Segment Open
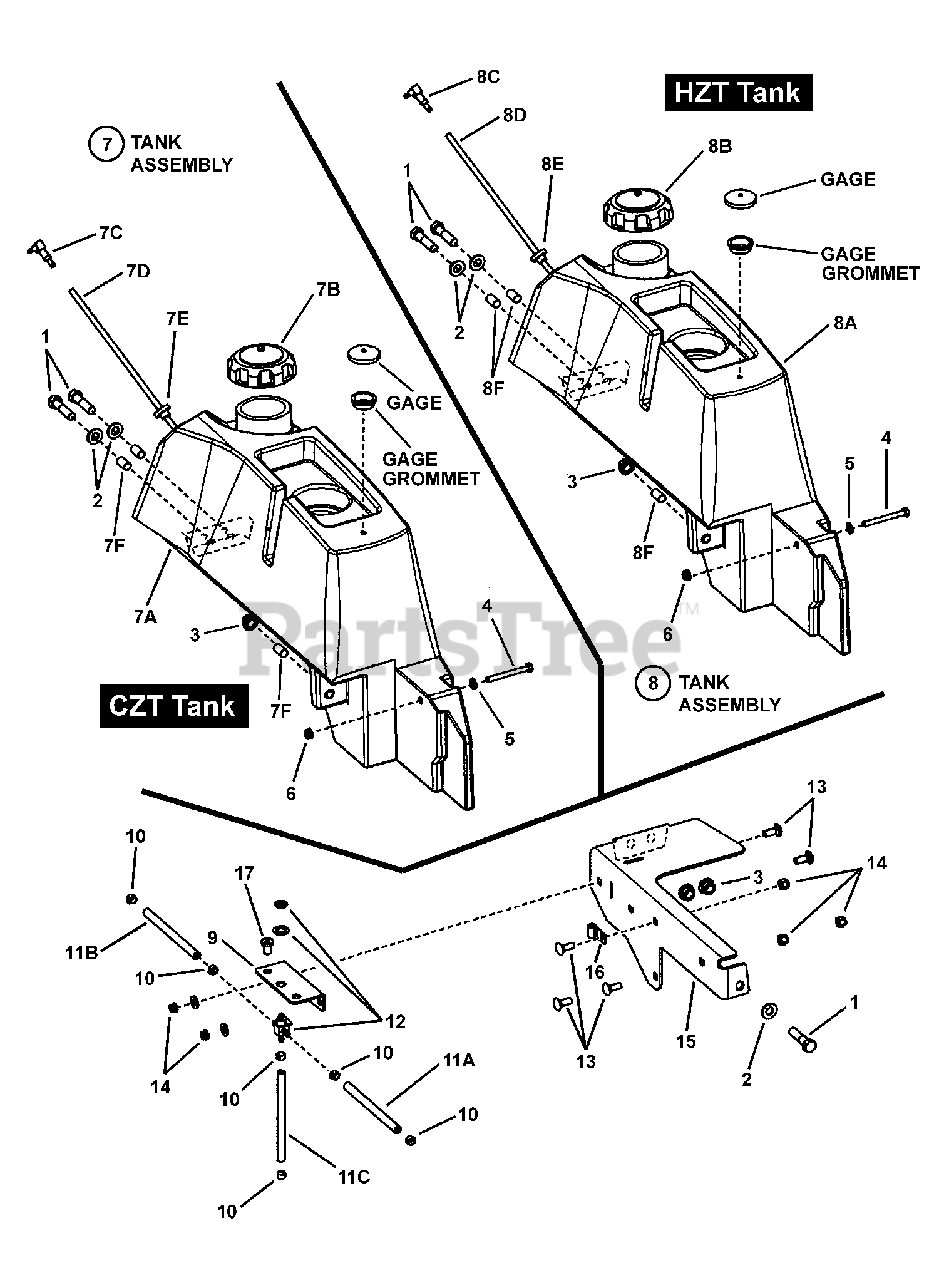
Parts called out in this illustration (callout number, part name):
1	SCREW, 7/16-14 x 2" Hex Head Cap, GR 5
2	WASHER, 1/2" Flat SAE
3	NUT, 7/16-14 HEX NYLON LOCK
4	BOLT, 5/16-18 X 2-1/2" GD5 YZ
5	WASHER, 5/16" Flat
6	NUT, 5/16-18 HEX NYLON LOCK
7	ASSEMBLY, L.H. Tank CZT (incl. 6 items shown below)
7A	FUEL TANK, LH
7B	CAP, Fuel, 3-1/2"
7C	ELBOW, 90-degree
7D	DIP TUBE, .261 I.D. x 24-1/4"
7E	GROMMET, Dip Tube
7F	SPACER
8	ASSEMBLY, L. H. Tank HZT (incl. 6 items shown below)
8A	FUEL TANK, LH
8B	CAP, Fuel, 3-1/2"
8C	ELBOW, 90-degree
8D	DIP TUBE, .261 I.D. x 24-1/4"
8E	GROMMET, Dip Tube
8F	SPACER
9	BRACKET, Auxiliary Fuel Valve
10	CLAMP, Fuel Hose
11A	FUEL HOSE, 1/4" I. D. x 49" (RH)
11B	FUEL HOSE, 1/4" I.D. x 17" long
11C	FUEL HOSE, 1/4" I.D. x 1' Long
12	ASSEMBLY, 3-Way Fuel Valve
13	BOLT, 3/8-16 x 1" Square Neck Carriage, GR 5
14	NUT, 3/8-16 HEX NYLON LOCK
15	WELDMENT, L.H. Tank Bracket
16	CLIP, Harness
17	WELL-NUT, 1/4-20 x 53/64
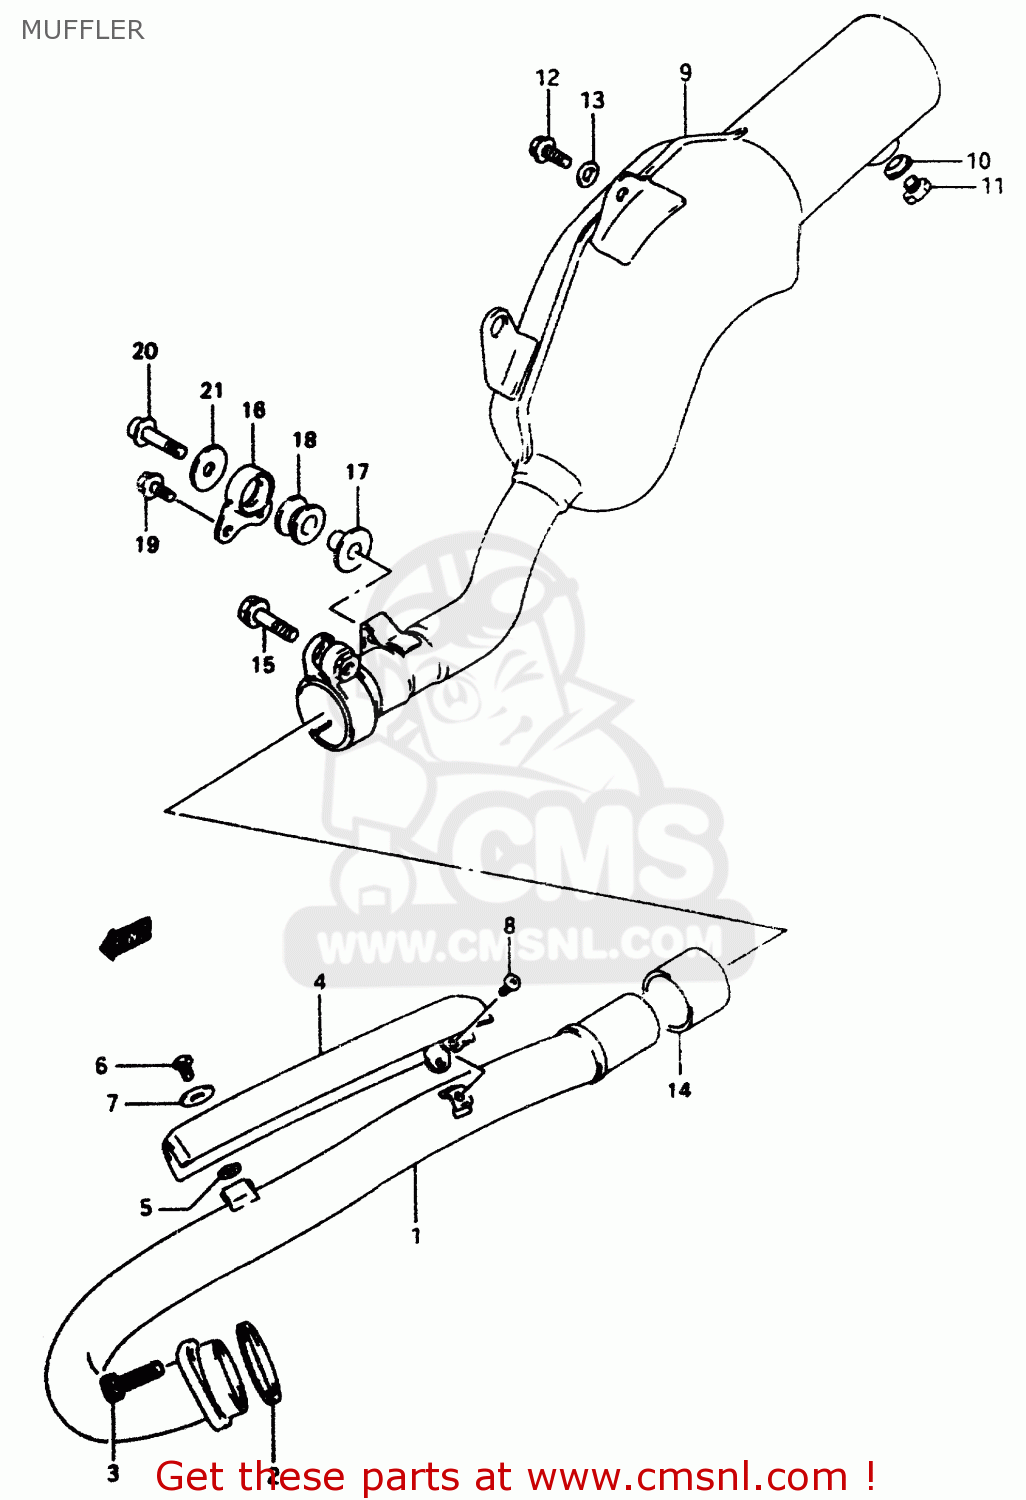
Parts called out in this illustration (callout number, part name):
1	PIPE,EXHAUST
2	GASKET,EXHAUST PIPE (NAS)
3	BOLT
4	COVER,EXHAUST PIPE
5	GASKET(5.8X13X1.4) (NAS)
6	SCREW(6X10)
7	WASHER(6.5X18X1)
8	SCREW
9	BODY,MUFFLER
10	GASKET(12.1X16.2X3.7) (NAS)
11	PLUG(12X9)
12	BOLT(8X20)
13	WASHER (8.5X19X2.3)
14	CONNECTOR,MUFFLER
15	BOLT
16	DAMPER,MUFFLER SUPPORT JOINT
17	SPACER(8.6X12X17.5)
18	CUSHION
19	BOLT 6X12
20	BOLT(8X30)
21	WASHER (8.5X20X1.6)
Segment Closed
Segment Open
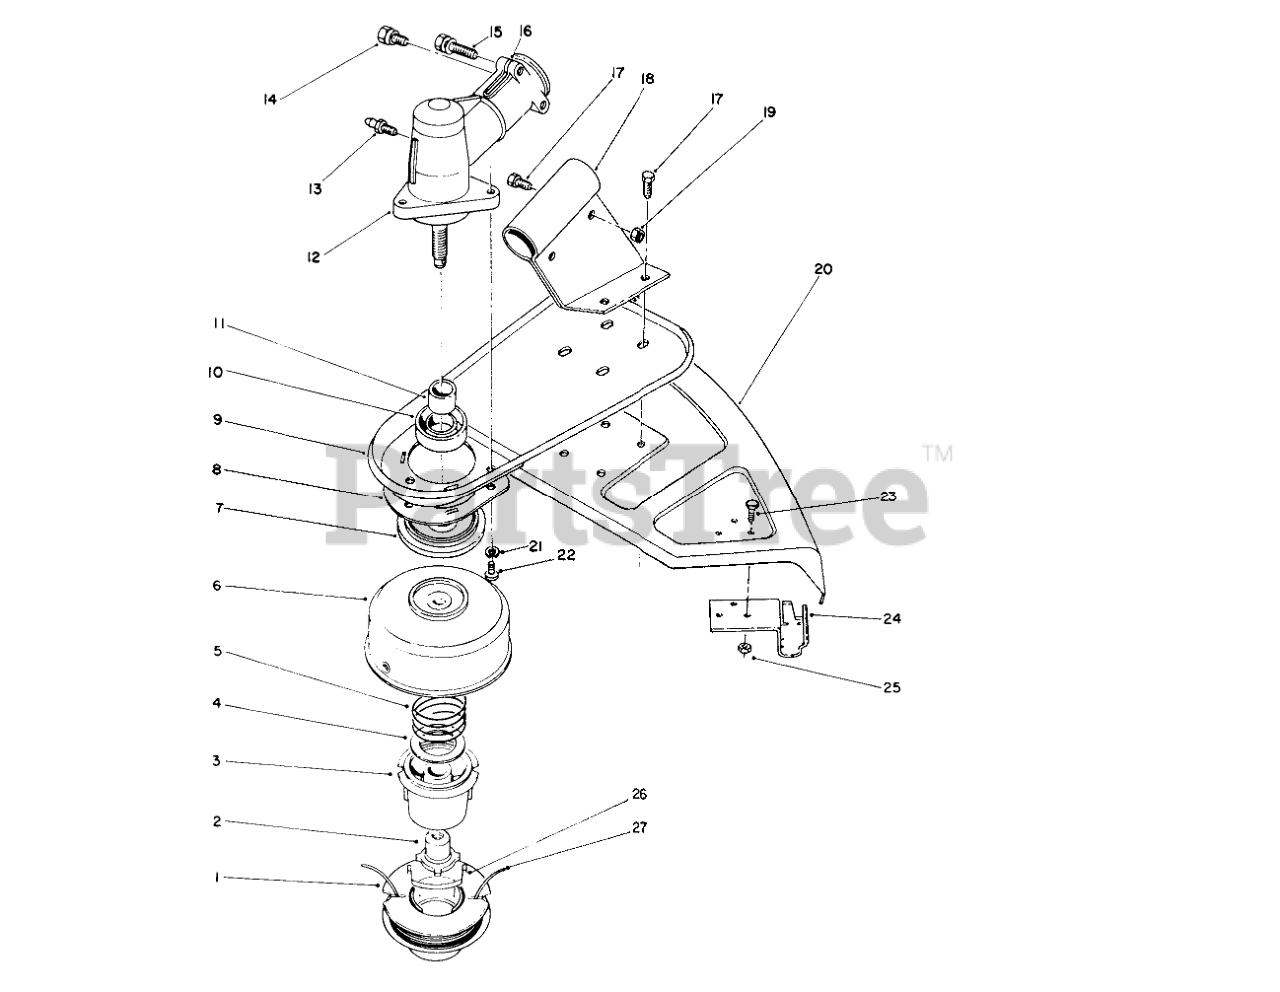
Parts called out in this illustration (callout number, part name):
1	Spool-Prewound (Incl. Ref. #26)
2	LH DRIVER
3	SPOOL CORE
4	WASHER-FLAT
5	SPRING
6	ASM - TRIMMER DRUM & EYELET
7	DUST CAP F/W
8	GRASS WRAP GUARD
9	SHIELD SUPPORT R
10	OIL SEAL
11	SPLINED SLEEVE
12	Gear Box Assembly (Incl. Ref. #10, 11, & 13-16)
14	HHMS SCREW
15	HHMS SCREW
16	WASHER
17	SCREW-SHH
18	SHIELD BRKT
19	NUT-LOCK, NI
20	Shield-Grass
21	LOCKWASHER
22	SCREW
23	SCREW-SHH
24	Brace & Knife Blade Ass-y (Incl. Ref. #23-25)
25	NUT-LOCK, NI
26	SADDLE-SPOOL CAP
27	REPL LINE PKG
Segment Closed
Segment Open
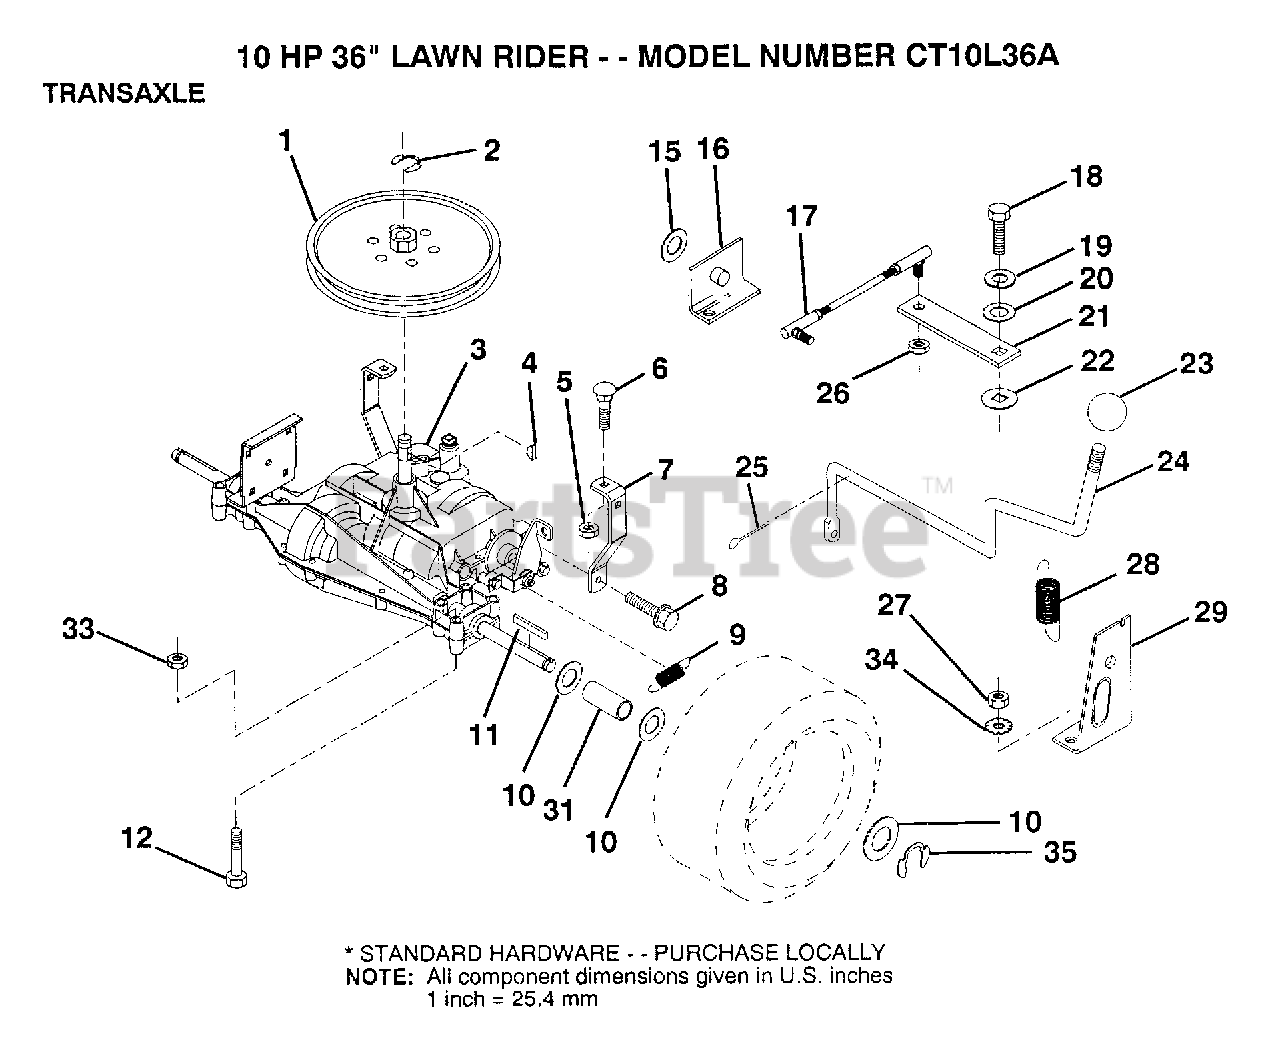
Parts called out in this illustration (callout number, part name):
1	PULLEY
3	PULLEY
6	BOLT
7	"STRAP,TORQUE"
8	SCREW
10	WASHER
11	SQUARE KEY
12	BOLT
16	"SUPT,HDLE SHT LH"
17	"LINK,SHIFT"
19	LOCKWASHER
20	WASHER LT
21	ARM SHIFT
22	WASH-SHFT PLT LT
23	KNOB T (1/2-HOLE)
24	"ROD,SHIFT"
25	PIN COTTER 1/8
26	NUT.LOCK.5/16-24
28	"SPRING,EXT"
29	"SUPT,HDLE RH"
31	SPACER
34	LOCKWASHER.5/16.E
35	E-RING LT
Segment Closed
▶ **What the task requires**
Supply only the count of lines above holding "NYLON".

▶ **Exercise solution**
3